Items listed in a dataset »

------------------------------------------------------------

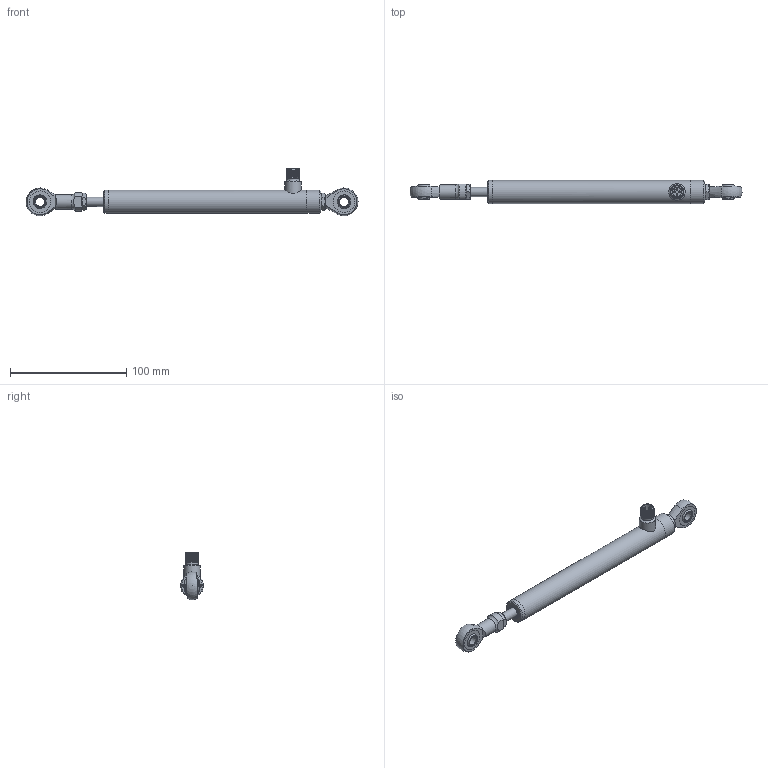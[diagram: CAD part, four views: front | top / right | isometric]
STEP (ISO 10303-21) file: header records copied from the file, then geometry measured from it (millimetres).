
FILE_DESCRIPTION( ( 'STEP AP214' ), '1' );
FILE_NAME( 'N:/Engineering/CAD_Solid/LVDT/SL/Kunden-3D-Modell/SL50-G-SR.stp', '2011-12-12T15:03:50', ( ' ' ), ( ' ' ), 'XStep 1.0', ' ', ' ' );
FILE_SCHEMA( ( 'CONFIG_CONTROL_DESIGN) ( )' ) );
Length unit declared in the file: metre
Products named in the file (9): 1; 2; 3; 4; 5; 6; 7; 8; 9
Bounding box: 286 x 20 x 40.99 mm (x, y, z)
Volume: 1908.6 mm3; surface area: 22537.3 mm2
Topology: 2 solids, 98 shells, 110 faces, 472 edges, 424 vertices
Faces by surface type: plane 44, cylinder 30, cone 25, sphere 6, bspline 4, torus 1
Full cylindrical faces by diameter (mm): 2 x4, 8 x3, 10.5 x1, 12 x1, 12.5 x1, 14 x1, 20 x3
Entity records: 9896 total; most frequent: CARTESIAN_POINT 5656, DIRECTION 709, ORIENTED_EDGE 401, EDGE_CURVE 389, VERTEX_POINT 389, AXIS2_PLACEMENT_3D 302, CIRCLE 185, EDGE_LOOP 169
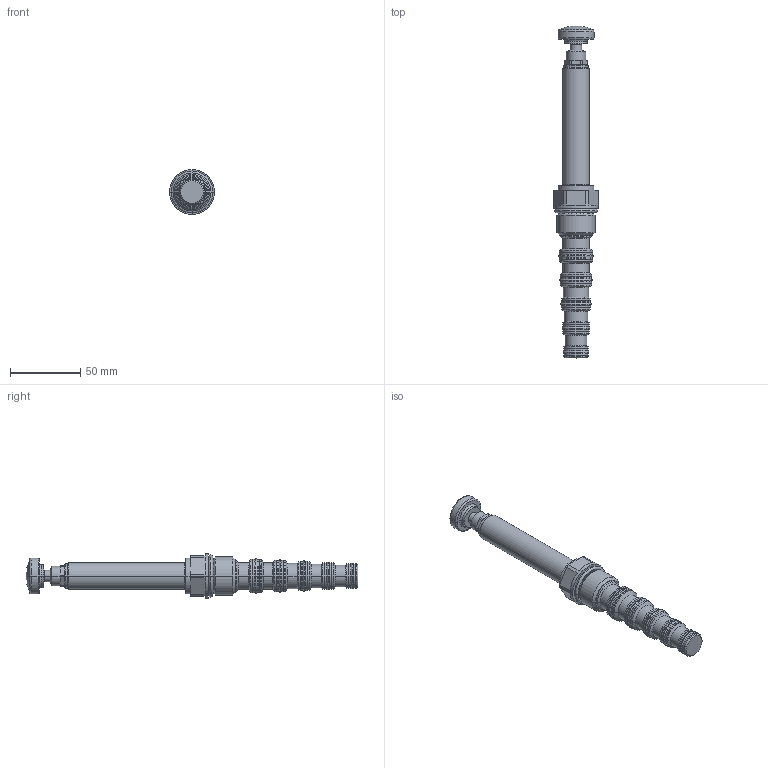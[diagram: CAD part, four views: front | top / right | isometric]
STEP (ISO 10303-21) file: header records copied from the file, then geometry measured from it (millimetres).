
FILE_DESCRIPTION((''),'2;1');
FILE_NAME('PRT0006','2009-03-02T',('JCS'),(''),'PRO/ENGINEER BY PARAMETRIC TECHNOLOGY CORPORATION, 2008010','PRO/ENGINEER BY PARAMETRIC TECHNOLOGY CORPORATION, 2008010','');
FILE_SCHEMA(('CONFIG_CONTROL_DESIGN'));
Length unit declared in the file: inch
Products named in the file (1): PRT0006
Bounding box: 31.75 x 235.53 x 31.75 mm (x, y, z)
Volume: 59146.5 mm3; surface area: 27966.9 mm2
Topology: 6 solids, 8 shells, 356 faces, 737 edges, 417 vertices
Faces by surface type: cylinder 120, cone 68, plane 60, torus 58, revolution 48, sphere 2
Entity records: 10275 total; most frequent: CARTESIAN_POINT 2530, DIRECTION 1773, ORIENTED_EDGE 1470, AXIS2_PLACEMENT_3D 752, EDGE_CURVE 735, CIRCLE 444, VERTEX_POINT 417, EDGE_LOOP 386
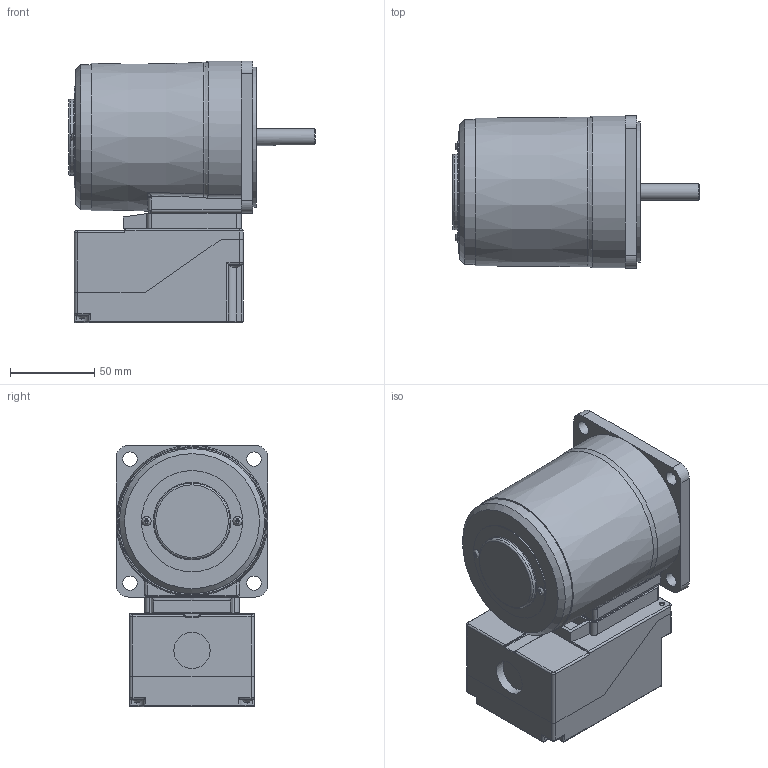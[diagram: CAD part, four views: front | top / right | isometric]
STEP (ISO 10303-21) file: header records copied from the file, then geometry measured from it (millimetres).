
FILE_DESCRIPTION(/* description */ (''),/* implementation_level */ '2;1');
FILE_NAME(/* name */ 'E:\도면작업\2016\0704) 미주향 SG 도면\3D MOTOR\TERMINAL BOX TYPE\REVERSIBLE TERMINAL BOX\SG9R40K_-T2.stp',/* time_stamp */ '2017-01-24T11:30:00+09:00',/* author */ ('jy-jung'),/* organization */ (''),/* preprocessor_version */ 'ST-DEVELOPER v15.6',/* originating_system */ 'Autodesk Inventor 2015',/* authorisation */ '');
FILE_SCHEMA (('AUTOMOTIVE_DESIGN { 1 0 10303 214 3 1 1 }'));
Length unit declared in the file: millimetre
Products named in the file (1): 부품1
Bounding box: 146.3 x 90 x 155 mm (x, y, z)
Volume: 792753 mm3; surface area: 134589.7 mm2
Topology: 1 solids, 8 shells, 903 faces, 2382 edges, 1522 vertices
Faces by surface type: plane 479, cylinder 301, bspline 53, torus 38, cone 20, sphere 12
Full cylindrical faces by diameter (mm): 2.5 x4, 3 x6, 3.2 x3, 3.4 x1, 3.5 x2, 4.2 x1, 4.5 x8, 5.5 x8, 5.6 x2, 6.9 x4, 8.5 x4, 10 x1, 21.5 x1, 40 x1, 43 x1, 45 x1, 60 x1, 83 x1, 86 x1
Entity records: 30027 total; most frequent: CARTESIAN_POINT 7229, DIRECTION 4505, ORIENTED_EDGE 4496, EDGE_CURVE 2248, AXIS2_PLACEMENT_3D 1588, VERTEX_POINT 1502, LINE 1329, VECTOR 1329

------------------------------------------------------------

EXERCISE DETAILS »
Among the lines above, return those that contain the string "declared".

RESPONSE FOR THIS EXERCISE »
Length unit declared in the file: metre
Length unit declared in the file: inch
Length unit declared in the file: millimetre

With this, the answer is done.